The researchers in the education attainment paper and that includes academics and scientists working for 23andMe make a point the media fails to mention.
“We recognize that returning individual genomic “results” can be a fun way to engage people in research and other projects and to stoke their interest in, and educate them about, genomics. But it is important that participants/users understand that these individual results are not meaningful predictions and should be regarded essentially as entertainment. Failure to make this point clearly risks sowing confusion and undermining trust in genetics research.”
GWAS are a powerful tool helping us understand the relationship between nature and nurture, but as with any tool, it has both limitations and moments of great utility. Hopefully, you can navigate between the two and understand for yourself what the science is telling us.
 Other markers of genetic variations besides SNPs can be used, but the methodology remains the same.
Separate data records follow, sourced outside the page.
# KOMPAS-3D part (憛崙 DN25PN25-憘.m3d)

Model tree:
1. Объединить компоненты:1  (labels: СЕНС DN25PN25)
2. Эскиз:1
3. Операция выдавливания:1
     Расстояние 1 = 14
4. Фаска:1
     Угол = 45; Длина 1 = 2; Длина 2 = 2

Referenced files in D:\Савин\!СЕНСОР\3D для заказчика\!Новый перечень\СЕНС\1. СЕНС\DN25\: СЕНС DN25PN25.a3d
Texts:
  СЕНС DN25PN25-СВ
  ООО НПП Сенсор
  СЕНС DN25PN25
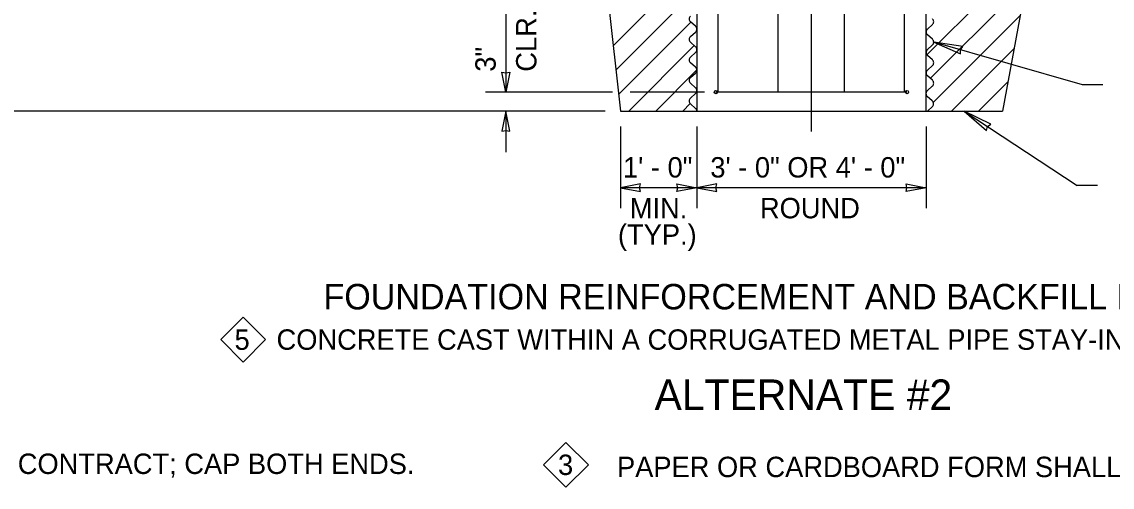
# Model space of a CAD drawing. Extents: x 99862 to 103151, y 100000 to 102076.
# Drawn here: x 101145 to 102001, y 101029 to 101394 of the extents above; entities that cross this region are included whole.
import ezdxf

# ---------------------------------------------------------------- set-up
doc = ezdxf.new("R2010")
doc.units = 0
for name, color, linetype in [('Level 13', 7, 'Continuous'), ('Level 15', 7, 'Continuous'), ('Level 17', 7, 'Continuous'), ('Level 2', 7, 'Continuous'), ('Level 20', 7, 'Continuous')]:
    doc.layers.add(name, color=color, linetype=linetype)

msp = doc.modelspace()

# ---------------------------------------------------------------- linework, layer by layer
at = {"layer": 'Level 13'}
for p, q in [((101558.72, 101828.81), (101614.81, 101323.99)), ((101691.69, 101338.99), (101691.69, 101798.99)), ((101790.85, 101338.99), (101790.85, 101798.99)), ((101837.94, 101338.99), (101837.94, 101798.99)), ((101976.23, 101656.65), (101914.81, 101323.99)), ((101738.77, 101338.99), (101738.77, 101477.79)), ((101855.48, 101368.22), (101938.26, 101450.99)), ((101609.1, 101375.38), (101673.13, 101439.41)), ((101611.22, 101356.29), (101674.74, 101419.8)), ((101858.18, 101349.69), (101933.46, 101424.98)), ((101613.34, 101337.2), (101670.06, 101393.92)), ((101860.47, 101330.77), (101928.65, 101398.96)), ((101621.35, 101323.99), (101672.83, 101375.47)), ((101874.89, 101323.99), (101923.85, 101372.94)), ((101642.56, 101323.99), (101674.69, 101356.11)), ((101896.11, 101323.99), (101919.05, 101346.93)), ((101839.81, 101338.99), (101689.81, 101338.99)), ((101614.81, 101323.99), (101674.81, 101323.99)), ((101663.77, 101323.99), (101669.72, 101329.93)), ((101855.94, 101323.99), (101914.81, 101323.99))]:
    msp.add_line(p, q, dxfattribs=at)
for centre in [(101689.81, 101338.99), (101839.81, 101338.99)]:
    msp.add_circle(centre, 1.25, dxfattribs=at)
at = {"layer": 'Level 15'}
for p, q in [((101764.81, 101307.99), (101764.81, 102030.59)), ((101524.94, 101402.96), (101524.94, 101338.99)), ((101977.65, 101344.65), (101860.81, 101378.09)), ((101993.65, 101344.65), (101977.65, 101344.65)), ((101608.74, 101338.99), (101508.94, 101338.99)), ((101680.82, 101338.99), (101622.6, 101338.99)), ((101602.81, 101323.99), (101102.68, 101323.99)), ((101524.94, 101323.99), (101524.94, 101291.99)), ((101884.86, 101323.99), (101973.35, 101265.84)), ((101614.81, 101311.99), (101614.81, 101247.99)), ((101674.81, 101311.99), (101674.81, 101247.99)), ((101854.81, 101311.99), (101854.81, 101247.99)), ((101674.81, 101263.99), (101614.81, 101263.99)), ((101854.81, 101263.99), (101674.81, 101263.99)), ((101989.35, 101265.84), (101973.35, 101265.84))]:
    msp.add_line(p, q, dxfattribs=at)
for points in [[(101860.81, 101378.09), (101881.94, 101368.94), (101881.74, 101372.1), (101883.58, 101374.68)], [(101524.94, 101338.99), (101521.86, 101354.71), (101524.94, 101353.98), (101528.03, 101354.71)], [(101524.94, 101323.99), (101521.86, 101308.26), (101524.94, 101308.99), (101528.03, 101308.26)], [(101884.86, 101323.99), (101902.3, 101308.96), (101903.06, 101312.03), (101905.58, 101313.94)], [(101614.81, 101263.99), (101630.54, 101260.9), (101629.81, 101263.99), (101630.54, 101267.07)], [(101674.81, 101263.99), (101659.09, 101260.9), (101659.82, 101263.99), (101659.09, 101267.07)], [(101674.81, 101263.99), (101690.54, 101260.9), (101689.81, 101263.99), (101690.54, 101267.07)], [(101854.81, 101263.99), (101839.09, 101260.9), (101839.82, 101263.99), (101839.09, 101267.07)]]:
    msp.add_lwpolyline(points, close=True, dxfattribs=at)
at = {"layer": 'Level 17'}
for p, q in [((101673.8, 101390.62), (101669.83, 101394.12)), ((101855.83, 101388.46), (101859.8, 101391.96)), ((101669.83, 101382.62), (101673.8, 101386.12)), ((101669.83, 101382.62), (101673.8, 101386.12)), ((101859.8, 101380.46), (101855.83, 101383.96)), ((101673.8, 101374.62), (101669.83, 101378.12)), ((101673.8, 101374.62), (101669.83, 101378.12)), ((101855.77, 101372.21), (101859.86, 101376.01)), ((101859.86, 101376.01), (101859.8, 101375.96)), ((101669.77, 101366.38), (101673.86, 101370.18)), ((101669.77, 101366.38), (101673.86, 101370.18)), ((101669.83, 101366.43), (101669.77, 101366.38)), ((101673.86, 101370.18), (101673.8, 101370.12)), ((101855.83, 101372.26), (101855.77, 101372.21)), ((101859.8, 101364.26), (101855.83, 101367.76)), ((101673.8, 101358.43), (101669.83, 101361.93)), ((101673.8, 101358.43), (101669.83, 101361.93)), ((101855.83, 101356.26), (101859.8, 101359.76)), ((101669.83, 101350.43), (101673.8, 101353.93)), ((101669.83, 101350.43), (101673.8, 101353.93)), ((101859.8, 101348.26), (101855.83, 101351.76)), ((101673.8, 101342.43), (101669.83, 101345.93)), ((101673.8, 101342.43), (101669.83, 101345.93)), ((101855.77, 101340.02), (101859.86, 101343.82)), ((101859.86, 101343.82), (101859.8, 101343.76)), ((101669.77, 101334.18), (101673.86, 101337.98)), ((101669.77, 101334.18), (101673.86, 101337.98)), ((101669.83, 101334.24), (101669.77, 101334.18)), ((101673.86, 101337.98), (101673.8, 101337.93)), ((101859.74, 101332.02), (101855.77, 101335.52)), ((101673.8, 101326.24), (101669.83, 101329.74)), ((101673.8, 101326.24), (101669.83, 101329.74)), ((101854.81, 101323.99), (101855.94, 101323.99)), ((101855.94, 101323.99), (101859.8, 101327.57)), ((101859.8, 101327.57), (101859.74, 101327.52))]:
    msp.add_line(p, q, dxfattribs=at)
for centre, start, end in [((101671.81, 101396.37), 131.40962, 228.59038), ((101857.81, 101394.21), 311.40962, 48.59038), ((101671.81, 101388.37), 311.40962, 48.59038), ((101671.81, 101388.37), 311.40962, 48.59038), ((101857.81, 101386.21), 131.40962, 228.59038), ((101671.81, 101380.37), 131.40962, 228.59038), ((101671.81, 101380.37), 131.40962, 228.59038), ((101671.81, 101372.37), 311.40962, 48.59038), ((101671.81, 101372.37), 311.40962, 48.59038), ((101857.81, 101378.21), 311.40962, 48.59038), ((101671.81, 101364.18), 131.40962, 228.59038), ((101671.81, 101364.18), 131.40962, 228.59038), ((101857.81, 101370.01), 131.40962, 228.59038), ((101671.81, 101356.18), 311.40962, 48.59038), ((101671.81, 101356.18), 311.40962, 48.59038), ((101857.81, 101362.01), 311.40962, 48.59038), ((101671.81, 101348.18), 131.40962, 228.59038), ((101671.81, 101348.18), 131.40962, 228.59038), ((101857.81, 101354.01), 131.40962, 228.59038), ((101671.81, 101340.18), 311.40962, 48.59038), ((101671.81, 101340.18), 311.40962, 48.59038), ((101857.81, 101346.01), 311.40962, 48.59038), ((101671.81, 101331.99), 131.40962, 228.59038), ((101671.81, 101331.99), 131.40962, 228.59038), ((101857.75, 101337.77), 131.40962, 228.59038), ((101857.75, 101329.77), 311.40962, 48.59038), ((101671.81, 101323.99), 0, 48.59038), ((101671.81, 101323.99), 0, 48.59038)]:
    msp.add_arc(centre, 3, start, end, dxfattribs=at)
at = {"layer": 'Level 2'}
for p, q in [((101674.81, 101803.99), (101674.81, 101323.99)), ((101854.81, 101323.99), (101854.81, 101803.99)), ((101674.81, 101323.99), (101854.81, 101323.99))]:
    msp.add_line(p, q, dxfattribs=at)
at = {"layer": 'Level 20'}
for points in [[(101318.62, 101162.35), (101336.17, 101144.79), (101318.62, 101127.24), (101301.07, 101144.79)], [(101572.14, 101064.18), (101589.7, 101046.62), (101572.14, 101029.07), (101554.59, 101046.62)]]:
    msp.add_lwpolyline(points, close=True, dxfattribs=at)

# ---------------------------------------------------------------- texts
for s, p in [('CLR.', (101548.94, 101354.99)), ('3"', (101516.94, 101354.99))]:
    msp.add_text(s, height=16, rotation=90, dxfattribs=at).set_placement(p)
for s, height, p in [('1\' - 0"', 16, (101616.88, 101271.99)), ('3\' - 0" OR 4\' - 0"', 16, (101685.45, 101271.99)), ('MIN.', 16, (101622.2, 101239.93)), ('ROUND', 16, (101724.42, 101239.99)), ('(TYP.)', 16, (101612.93, 101219.22)), ('FOUNDATION REINFORCEMENT AND BACKFILL DETAIL', 20, (101381.73, 101168.52)), ('5', 16, (101311.93, 101136.8)), ('CONCRETE CAST WITHIN A CORRUGATED METAL PIPE STAY-IN-PLACE FORM', 16, (101344.9, 101136.86)), ('ALTERNATE #2', 24, (101641.68, 101089.57)), ('CONDUIT SIZE AND QUANTITY AS SHOWN IN THE CONTRACT; CAP BOTH ENDS.', 16, (100621.08, 101039.43)), ('3', 16, (101565.88, 101038.63)), ('PAPER OR CARDBOARD FORM SHALL NOT STAY-IN-PLACE', 16, (101612.21, 101036.96))]:
    msp.add_text(s, height=height, dxfattribs=at).set_placement(p)

doc.saveas('drawing.dxf')

 This particular formula is called the Bonferroni correction and lowers the p-value based upon how many statistical tests were performed; p-value/number of statistical tests conducted. There are other formulas used to correct for multiple statistical testing, but a GWAS has to use some form of correction to be statistically valid.
Sources: The original spark for this explainer comes from Gene Discovery and Polygenic Prediction from a genome-wide association study of educational attainment in 1.1 million individuals Nature Genetics DOI: 10.1038/s-41588-018-0147-3. It comes with an excellent explainer of its own which helped me understand and translate an interesting study. I also made use of a chapter on GWAS studies found on PLoS.